Joint Performance and Energy Optimization for Cross-Architecture Binary Translation

Dynamic binary translation remains a fundamental technique for enabling cross-architecture compatibility across heterogeneous computing platforms. However, conventional system-level translators rely on handcrafted translation rules and architecture-specific engineering, resulting in limited adaptability and substantial maintenance overhead when targeting emerging instruction set architectures.

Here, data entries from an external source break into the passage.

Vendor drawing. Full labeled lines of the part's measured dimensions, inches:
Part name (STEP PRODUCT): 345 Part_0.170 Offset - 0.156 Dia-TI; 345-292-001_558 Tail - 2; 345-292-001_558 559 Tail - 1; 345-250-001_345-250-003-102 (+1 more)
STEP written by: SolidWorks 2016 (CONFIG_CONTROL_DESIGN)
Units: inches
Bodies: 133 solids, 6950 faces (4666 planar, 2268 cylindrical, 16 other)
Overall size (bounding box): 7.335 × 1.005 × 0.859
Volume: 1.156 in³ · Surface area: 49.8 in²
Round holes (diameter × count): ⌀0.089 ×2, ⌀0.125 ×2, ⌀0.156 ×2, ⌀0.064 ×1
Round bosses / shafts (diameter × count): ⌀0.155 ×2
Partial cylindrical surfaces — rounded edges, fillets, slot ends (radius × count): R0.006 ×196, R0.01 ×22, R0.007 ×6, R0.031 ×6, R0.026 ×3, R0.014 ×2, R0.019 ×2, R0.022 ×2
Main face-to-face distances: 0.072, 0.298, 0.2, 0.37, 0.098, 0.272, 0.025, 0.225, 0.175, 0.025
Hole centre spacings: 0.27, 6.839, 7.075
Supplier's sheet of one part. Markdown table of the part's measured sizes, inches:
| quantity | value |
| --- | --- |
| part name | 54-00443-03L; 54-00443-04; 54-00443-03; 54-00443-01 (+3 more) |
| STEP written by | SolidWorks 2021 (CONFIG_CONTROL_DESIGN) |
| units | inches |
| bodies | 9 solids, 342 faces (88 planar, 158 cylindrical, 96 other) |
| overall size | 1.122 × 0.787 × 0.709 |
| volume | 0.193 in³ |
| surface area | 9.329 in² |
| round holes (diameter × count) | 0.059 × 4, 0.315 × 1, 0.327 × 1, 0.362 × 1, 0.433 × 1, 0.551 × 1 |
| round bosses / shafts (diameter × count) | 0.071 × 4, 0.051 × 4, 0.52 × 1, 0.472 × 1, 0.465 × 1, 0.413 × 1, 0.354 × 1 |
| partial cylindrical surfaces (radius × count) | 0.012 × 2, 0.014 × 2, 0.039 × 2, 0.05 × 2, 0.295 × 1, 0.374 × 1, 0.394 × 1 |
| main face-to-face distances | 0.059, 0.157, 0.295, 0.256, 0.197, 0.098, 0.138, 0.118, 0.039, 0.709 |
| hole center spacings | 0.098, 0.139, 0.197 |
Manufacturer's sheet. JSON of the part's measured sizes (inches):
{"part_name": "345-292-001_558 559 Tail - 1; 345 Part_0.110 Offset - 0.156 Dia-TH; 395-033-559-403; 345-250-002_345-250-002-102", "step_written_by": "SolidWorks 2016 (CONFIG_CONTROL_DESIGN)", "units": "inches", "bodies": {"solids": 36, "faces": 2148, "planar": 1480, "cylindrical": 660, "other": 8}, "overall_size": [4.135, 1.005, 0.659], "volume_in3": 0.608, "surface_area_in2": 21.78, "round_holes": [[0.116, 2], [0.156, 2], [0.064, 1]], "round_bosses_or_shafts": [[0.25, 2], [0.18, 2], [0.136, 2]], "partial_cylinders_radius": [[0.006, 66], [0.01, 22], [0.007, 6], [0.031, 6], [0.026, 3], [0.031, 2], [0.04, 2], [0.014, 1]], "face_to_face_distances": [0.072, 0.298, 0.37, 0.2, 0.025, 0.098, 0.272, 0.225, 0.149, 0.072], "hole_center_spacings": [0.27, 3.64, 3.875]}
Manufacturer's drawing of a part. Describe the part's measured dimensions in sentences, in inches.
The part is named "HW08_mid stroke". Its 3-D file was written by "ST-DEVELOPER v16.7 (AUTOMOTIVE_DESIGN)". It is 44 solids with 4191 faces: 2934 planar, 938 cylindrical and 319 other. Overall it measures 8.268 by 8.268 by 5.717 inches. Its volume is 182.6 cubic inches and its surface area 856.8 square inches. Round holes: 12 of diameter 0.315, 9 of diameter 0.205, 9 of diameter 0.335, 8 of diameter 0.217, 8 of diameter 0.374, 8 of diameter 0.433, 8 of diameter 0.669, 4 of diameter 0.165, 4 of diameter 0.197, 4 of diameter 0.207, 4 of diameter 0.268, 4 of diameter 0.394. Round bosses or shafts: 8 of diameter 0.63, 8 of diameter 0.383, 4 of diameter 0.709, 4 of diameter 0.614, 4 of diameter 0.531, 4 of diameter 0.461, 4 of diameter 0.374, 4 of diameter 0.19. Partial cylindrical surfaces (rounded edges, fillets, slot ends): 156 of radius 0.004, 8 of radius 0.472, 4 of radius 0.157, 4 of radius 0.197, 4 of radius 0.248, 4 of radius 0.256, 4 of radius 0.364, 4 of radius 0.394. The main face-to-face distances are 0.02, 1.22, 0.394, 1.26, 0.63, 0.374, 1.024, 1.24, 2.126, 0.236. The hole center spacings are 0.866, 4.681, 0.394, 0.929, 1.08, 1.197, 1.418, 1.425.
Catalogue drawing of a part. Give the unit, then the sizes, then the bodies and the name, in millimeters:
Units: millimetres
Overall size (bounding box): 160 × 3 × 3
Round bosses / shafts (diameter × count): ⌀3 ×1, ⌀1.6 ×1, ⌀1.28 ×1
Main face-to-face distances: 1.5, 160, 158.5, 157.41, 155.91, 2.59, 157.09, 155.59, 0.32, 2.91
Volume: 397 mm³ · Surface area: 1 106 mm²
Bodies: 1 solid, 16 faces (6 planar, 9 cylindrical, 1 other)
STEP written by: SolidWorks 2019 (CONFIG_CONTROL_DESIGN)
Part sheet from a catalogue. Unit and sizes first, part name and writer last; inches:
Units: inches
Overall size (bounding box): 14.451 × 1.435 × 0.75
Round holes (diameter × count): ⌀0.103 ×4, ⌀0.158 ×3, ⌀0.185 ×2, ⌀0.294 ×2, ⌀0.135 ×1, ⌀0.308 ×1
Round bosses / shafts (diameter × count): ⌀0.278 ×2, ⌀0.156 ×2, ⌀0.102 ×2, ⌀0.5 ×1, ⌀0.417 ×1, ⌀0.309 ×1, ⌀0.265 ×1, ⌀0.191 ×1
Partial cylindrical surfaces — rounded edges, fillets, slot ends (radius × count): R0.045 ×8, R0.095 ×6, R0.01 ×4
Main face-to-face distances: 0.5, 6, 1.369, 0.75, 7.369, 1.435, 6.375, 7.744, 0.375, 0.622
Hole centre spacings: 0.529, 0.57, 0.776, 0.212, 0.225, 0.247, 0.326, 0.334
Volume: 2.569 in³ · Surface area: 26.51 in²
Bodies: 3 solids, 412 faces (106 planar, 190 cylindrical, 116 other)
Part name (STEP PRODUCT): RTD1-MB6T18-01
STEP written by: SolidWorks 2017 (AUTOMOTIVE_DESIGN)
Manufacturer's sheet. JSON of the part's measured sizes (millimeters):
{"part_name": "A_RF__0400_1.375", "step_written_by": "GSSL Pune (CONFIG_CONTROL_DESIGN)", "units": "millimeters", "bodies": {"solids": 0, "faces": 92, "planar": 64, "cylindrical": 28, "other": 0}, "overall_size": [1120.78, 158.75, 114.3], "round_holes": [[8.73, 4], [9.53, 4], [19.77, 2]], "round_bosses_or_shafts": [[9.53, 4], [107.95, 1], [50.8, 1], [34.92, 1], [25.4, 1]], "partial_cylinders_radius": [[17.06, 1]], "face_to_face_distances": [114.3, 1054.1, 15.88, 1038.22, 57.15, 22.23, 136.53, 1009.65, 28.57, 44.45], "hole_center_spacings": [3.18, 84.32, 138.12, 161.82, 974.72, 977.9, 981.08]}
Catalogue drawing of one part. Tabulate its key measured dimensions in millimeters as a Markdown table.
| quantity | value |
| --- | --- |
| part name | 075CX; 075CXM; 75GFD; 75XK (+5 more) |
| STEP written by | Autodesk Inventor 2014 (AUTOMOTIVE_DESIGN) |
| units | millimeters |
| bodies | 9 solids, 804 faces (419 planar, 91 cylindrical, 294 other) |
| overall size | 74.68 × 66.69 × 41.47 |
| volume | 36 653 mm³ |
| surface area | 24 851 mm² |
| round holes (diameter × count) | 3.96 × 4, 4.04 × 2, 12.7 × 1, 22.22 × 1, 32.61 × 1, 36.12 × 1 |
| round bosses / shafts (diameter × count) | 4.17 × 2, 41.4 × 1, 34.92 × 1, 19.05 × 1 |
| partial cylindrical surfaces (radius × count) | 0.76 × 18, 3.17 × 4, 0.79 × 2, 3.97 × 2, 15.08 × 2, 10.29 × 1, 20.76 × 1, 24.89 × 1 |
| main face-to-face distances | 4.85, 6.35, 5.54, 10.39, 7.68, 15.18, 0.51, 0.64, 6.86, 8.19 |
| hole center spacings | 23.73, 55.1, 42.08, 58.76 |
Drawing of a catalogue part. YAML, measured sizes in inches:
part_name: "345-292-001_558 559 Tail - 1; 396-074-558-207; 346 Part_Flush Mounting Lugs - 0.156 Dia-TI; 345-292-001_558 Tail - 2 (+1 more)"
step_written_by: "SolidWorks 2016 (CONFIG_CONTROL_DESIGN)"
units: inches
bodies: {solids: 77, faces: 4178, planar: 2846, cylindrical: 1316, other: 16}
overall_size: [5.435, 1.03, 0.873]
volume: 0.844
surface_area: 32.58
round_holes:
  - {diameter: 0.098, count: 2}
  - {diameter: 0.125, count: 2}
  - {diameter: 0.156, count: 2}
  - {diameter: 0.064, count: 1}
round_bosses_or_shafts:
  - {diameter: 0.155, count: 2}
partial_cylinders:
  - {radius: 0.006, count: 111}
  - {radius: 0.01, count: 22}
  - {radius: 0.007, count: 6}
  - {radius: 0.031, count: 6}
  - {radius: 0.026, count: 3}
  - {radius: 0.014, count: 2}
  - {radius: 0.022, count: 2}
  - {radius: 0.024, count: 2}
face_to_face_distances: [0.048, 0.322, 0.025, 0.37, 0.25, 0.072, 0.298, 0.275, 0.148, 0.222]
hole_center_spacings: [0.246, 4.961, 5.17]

This work introduces an adaptive cross-ISA execution framework that leverages machine-guided intermediate representation modeling to automate the generation of translation pipelines. Instead of manually designing architecture-dependent modules, the proposed system constructs an extensible translation graph from formal ISA specifications and applies hybrid static–dynamic optimization passes during runtime. The framework operates within a lightweight virtualization layer that allows aggressive just-in-time optimization while maintaining full-system compatibility. To further improve translation efficiency, we incorporate runtime workload profiling and adaptive code specialization mechanisms that dynamically refine hot execution paths. Unlike traditional DBT systems focused solely on throughput, our approach jointly optimizes execution latency, memory traffic, and energy-delay product (EDP). The framework is evaluated using SPEC CPU2017 and PARSEC benchmarks under a full Linux system environment. Experiments translating 64-bit RISC-V workloads to heterogeneous x86-based edge servers demonstrate an average performance improvement of 1.87× over mainstream DBT baselines, while reducing energy-delay product by 34%. For floating-point intensive applications, performance gains reach up to 4.12×. Beyond performance improvements, the proposed architecture significantly lowers the engineering complexity required to support new ISAs through automated specification-driven translation generation. The results indicate that adaptive, optimization-aware DBT frameworks can provide both scalability and efficiency for next-generation heterogeneous computing systems.